Monday, November 19, 2012

Reading and Calculating With Your Unconscious

The body can do most anything without being conscious of it, we just put a rubber stamp on all the actions and call them our own.

What then is the point of consciousness ?

Maybe your question has no meaning. Maybe "consciousness" is this thing that philosophers got obsessed with when dealing with potentially made-up issues like the "mind-body" distinction. Maybe the reality is that "awareness" and "consciousness" are much more flexible than we think.

I'm a pianist and I've done a lot of accompanying for choirs. I've also in the past been a choir director. At times, when working through a new piece, I've often been essentially sight-reading a piano part while giving cues and direction to the choir. And I don't claim to be the best person at this activity -- I know many directors who are more skilled than I am.

So, all at the same time, I am simultaneously:

  • Sight-reading the music, which involves parsing the notes not only into measures and rhythms, but also picking up on harmonic patterns and "filling in" some notes in those chords when I don't have a chance to read every single note precisely while sight-reading
  • Coordinating my body in playing a piano, including not only both hands, but also my feet in pedaling
  • Responding to basic interpretation while playing -- getting louder/softer, changing attacks, rhythmic feel, legato/staccato, etc. -- not to mention handling tempo changes and things like that -- while sight-reading, there's only so much you can do, but you need to play at least somewhat musically
  • Turning pages, which requires finding a gap in the music or "filling in" some parts on the fly while turning the page
  • Giving basic cues to the choir for entrances, etc., which may involve getting a free hand up or at least nodding or whatever
  • Evaluating whether the choir is still on track, and helping to correct it or stopping if not
  • Perhaps emphasizing voice parts on the piano and/or singing one of them rather than simply playing the piano part if some part in the chorus gets lost
  • Etc.

In all of this, how much of what I am doing is "conscious"? How much is "unconscious" or "subconscious" or whatever? My attention is continuously shifting back and forth -- cue the choir, pay attention to that weird rhythm, have to slow down here, turn the page, etc., etc. I'm certainly not consciously "thinking" about sight-reading the music or playing the piano for the most part, since I'm primarily concerned about making sure the choir is learning something -- but those tasks seem quite a bit more complex than the ones mentioned in TFA.

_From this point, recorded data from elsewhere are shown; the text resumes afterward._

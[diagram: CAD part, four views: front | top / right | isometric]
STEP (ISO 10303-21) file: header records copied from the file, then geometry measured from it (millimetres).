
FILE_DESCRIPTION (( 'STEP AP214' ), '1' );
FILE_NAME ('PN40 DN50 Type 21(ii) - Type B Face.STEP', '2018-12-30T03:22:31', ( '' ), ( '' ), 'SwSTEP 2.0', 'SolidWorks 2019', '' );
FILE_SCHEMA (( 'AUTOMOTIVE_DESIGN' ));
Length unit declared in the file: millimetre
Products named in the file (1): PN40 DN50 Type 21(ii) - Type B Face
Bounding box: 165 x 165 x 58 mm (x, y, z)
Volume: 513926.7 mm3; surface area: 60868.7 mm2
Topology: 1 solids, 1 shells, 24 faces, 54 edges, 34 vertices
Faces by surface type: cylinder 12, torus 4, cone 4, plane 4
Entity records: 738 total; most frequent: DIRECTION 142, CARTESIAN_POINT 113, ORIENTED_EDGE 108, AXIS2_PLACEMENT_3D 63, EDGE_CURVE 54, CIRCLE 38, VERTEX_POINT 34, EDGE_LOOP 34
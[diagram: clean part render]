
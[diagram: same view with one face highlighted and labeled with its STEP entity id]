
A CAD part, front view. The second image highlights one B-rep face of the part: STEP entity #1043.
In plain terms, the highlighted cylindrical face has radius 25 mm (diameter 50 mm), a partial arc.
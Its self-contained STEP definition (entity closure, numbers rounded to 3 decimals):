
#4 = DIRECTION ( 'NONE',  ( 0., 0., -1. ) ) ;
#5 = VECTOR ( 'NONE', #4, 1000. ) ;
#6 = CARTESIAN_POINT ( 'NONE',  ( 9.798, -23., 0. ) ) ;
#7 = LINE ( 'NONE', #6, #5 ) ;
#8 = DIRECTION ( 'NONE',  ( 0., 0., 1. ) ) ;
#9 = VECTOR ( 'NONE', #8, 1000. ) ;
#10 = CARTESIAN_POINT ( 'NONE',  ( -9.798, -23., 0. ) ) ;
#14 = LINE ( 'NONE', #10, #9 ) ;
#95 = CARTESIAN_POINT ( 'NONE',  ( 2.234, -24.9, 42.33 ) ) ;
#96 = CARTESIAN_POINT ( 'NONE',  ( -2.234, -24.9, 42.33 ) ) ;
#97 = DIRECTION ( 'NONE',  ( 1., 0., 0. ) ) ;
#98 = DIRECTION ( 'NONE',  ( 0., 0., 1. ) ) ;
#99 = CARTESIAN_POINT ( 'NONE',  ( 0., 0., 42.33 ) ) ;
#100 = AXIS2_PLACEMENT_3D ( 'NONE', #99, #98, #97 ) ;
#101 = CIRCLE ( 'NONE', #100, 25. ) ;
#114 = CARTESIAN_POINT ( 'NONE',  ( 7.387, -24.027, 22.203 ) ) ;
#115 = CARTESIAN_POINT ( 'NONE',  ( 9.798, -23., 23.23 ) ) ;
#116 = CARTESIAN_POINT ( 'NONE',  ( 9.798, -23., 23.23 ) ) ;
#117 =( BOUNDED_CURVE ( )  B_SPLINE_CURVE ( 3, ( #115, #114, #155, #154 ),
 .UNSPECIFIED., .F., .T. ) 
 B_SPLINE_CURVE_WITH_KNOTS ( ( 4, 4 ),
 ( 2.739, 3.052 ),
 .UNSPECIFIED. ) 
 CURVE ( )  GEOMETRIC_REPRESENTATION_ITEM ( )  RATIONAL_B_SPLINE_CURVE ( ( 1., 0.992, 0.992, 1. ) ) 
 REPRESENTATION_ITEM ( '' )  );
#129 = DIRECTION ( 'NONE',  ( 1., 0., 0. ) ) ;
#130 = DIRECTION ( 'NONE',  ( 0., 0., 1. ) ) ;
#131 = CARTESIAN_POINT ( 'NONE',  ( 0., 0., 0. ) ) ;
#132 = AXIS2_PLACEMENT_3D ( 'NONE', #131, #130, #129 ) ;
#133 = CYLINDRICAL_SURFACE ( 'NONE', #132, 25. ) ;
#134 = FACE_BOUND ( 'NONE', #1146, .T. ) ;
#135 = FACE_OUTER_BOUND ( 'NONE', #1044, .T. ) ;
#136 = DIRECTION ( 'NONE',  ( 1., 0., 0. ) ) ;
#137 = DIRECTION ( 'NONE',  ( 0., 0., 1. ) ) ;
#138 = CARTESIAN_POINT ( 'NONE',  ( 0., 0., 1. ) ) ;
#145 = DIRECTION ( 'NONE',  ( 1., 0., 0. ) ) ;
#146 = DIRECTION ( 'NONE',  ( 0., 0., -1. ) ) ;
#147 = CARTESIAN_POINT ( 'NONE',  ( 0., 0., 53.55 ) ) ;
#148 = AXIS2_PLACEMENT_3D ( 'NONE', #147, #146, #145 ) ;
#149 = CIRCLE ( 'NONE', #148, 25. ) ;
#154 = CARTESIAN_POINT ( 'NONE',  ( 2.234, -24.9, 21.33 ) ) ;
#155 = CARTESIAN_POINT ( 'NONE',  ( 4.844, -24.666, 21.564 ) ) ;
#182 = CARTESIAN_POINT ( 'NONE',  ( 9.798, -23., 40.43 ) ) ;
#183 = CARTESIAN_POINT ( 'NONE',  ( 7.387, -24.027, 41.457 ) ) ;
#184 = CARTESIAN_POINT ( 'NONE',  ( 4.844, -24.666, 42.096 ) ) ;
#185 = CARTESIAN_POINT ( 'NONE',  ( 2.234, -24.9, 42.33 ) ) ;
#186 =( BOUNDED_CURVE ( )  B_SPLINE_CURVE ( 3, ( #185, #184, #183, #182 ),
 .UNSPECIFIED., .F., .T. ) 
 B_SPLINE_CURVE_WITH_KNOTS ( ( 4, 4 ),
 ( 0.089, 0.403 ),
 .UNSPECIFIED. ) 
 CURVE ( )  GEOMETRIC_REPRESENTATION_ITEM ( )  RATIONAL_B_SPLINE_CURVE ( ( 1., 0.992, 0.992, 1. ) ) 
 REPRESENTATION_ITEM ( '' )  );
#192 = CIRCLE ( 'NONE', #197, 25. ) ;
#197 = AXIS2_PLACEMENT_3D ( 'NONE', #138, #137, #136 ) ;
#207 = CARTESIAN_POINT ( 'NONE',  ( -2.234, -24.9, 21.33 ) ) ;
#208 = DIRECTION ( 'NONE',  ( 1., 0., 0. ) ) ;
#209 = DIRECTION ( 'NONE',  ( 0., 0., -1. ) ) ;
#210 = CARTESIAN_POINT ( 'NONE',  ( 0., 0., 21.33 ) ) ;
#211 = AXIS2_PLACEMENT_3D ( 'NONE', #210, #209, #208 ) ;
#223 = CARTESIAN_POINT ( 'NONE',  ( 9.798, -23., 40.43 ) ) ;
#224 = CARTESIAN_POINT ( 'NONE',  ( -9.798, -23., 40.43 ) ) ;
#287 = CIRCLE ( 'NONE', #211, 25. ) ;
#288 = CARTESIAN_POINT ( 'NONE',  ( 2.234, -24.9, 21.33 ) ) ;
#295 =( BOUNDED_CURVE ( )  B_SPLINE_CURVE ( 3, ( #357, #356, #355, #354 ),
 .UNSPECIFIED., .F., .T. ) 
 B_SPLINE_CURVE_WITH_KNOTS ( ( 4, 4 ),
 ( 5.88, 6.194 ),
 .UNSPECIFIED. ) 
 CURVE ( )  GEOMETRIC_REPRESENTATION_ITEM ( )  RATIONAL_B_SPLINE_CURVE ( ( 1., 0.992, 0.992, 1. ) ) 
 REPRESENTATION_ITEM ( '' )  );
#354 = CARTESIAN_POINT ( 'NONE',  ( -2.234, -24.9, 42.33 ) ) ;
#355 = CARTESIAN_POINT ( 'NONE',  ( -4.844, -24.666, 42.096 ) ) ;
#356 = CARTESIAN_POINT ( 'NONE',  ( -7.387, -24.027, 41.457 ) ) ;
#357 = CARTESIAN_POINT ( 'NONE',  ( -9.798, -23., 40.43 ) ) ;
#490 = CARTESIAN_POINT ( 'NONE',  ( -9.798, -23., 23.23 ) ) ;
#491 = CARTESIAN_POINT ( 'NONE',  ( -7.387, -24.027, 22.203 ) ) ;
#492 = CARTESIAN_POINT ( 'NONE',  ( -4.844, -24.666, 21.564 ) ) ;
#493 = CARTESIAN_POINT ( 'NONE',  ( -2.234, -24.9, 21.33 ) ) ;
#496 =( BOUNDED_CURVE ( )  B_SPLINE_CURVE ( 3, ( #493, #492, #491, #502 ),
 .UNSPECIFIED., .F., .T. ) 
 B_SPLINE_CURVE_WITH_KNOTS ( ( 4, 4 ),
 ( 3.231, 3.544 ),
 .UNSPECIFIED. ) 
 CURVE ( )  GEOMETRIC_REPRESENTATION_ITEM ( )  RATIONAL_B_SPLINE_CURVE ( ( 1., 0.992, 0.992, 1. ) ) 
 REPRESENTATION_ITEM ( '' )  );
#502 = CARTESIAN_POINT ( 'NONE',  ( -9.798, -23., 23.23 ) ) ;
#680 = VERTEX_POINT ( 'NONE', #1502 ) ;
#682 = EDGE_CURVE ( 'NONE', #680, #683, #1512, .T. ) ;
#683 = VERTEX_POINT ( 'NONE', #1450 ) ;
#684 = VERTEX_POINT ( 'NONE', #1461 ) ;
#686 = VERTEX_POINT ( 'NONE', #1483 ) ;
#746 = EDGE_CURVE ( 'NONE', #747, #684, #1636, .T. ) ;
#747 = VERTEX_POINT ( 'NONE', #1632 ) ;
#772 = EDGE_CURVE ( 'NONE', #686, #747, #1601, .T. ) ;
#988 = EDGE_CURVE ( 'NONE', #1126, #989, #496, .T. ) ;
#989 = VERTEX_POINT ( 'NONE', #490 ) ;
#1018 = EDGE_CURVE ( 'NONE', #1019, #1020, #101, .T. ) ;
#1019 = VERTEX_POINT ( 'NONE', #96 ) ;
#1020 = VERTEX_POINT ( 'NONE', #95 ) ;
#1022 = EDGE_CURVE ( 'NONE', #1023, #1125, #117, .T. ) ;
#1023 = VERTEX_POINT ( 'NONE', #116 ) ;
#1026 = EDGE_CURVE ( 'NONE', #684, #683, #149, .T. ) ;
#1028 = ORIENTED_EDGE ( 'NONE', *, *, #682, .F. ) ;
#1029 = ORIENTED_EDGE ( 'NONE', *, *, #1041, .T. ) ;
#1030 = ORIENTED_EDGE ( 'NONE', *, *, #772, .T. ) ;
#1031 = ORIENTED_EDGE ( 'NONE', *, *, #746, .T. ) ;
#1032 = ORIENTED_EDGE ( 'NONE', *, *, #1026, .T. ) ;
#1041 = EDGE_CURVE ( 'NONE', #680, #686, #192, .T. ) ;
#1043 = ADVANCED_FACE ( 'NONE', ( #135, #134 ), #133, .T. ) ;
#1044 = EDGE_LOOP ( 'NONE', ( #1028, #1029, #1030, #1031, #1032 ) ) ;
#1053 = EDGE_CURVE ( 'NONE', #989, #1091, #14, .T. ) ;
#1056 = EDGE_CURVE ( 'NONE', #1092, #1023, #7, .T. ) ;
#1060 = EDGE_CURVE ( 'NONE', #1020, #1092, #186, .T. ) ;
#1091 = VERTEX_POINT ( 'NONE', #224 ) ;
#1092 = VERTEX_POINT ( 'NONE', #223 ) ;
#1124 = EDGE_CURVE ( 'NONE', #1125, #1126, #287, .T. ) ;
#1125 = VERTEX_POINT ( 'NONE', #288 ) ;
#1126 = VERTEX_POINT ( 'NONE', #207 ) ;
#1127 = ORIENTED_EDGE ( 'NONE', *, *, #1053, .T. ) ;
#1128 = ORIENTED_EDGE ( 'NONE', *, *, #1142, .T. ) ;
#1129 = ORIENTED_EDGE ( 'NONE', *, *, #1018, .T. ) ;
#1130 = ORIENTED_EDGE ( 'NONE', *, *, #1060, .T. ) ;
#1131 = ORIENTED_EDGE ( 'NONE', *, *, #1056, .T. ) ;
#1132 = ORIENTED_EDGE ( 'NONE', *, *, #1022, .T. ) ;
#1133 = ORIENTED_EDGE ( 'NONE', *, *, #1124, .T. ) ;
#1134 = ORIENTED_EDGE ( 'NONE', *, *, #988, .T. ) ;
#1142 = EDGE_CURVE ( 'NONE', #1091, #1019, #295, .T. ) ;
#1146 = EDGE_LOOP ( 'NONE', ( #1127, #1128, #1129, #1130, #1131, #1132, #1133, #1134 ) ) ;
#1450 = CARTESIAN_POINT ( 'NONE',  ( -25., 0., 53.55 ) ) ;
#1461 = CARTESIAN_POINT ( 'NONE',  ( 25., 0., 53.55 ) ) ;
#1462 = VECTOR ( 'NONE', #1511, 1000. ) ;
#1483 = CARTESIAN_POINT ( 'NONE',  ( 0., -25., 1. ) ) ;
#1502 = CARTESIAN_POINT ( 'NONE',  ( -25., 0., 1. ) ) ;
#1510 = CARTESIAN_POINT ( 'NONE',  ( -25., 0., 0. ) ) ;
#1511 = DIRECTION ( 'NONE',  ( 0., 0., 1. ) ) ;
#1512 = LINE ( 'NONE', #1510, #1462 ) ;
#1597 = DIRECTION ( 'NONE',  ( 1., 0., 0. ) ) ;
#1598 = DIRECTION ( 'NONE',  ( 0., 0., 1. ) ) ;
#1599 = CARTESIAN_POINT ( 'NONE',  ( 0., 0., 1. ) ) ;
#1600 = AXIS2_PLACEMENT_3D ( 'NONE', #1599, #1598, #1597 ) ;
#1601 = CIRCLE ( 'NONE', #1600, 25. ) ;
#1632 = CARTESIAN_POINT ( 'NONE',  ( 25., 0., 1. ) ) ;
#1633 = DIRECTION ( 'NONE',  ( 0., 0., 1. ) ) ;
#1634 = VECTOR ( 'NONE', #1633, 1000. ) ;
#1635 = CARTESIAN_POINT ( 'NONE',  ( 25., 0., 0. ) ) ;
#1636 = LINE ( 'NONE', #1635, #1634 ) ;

I would defintely not saying I am consciously "multitasking," since my attention usually is skipping back and forth between things -- I can't really "think" actively about more than one of these activities at once.

Yet, it's all happening. My body is managing to do all of these things, including potentially decoding a new piece of music and instantiating a performance of it, while giving basic direction and evaluation to a choir... most of it at any giving moment happening without my direct "conscious" attention.

In such a situation, what is the "point" of consciousness? To me, the only meaning "consciousness" has there is "the thing I'm giving slightly heightened focus to at a given moment," usually the thing that is most novel and can't just be "put on autopilot."

I realize that to some people this may sound like I'm demeaning consciousness -- but I'm not. And all of us do stuff like this all the time, coordinating all sorts of body motions and behavior while managing to focus on some other task. Does that mean I don't have ("conscious") control over these "autopilot" tasks? Of course I do -- they just aren't at the center of focus.

What's really going on is a lot of degrees of awareness, some bubbling up to visual, auditory, and/or verbal consciousness, while others (like the coordination of my body in playing the keyboard) are mostly part of my body remembering and responding to musical patterns as it has done thousands of times before.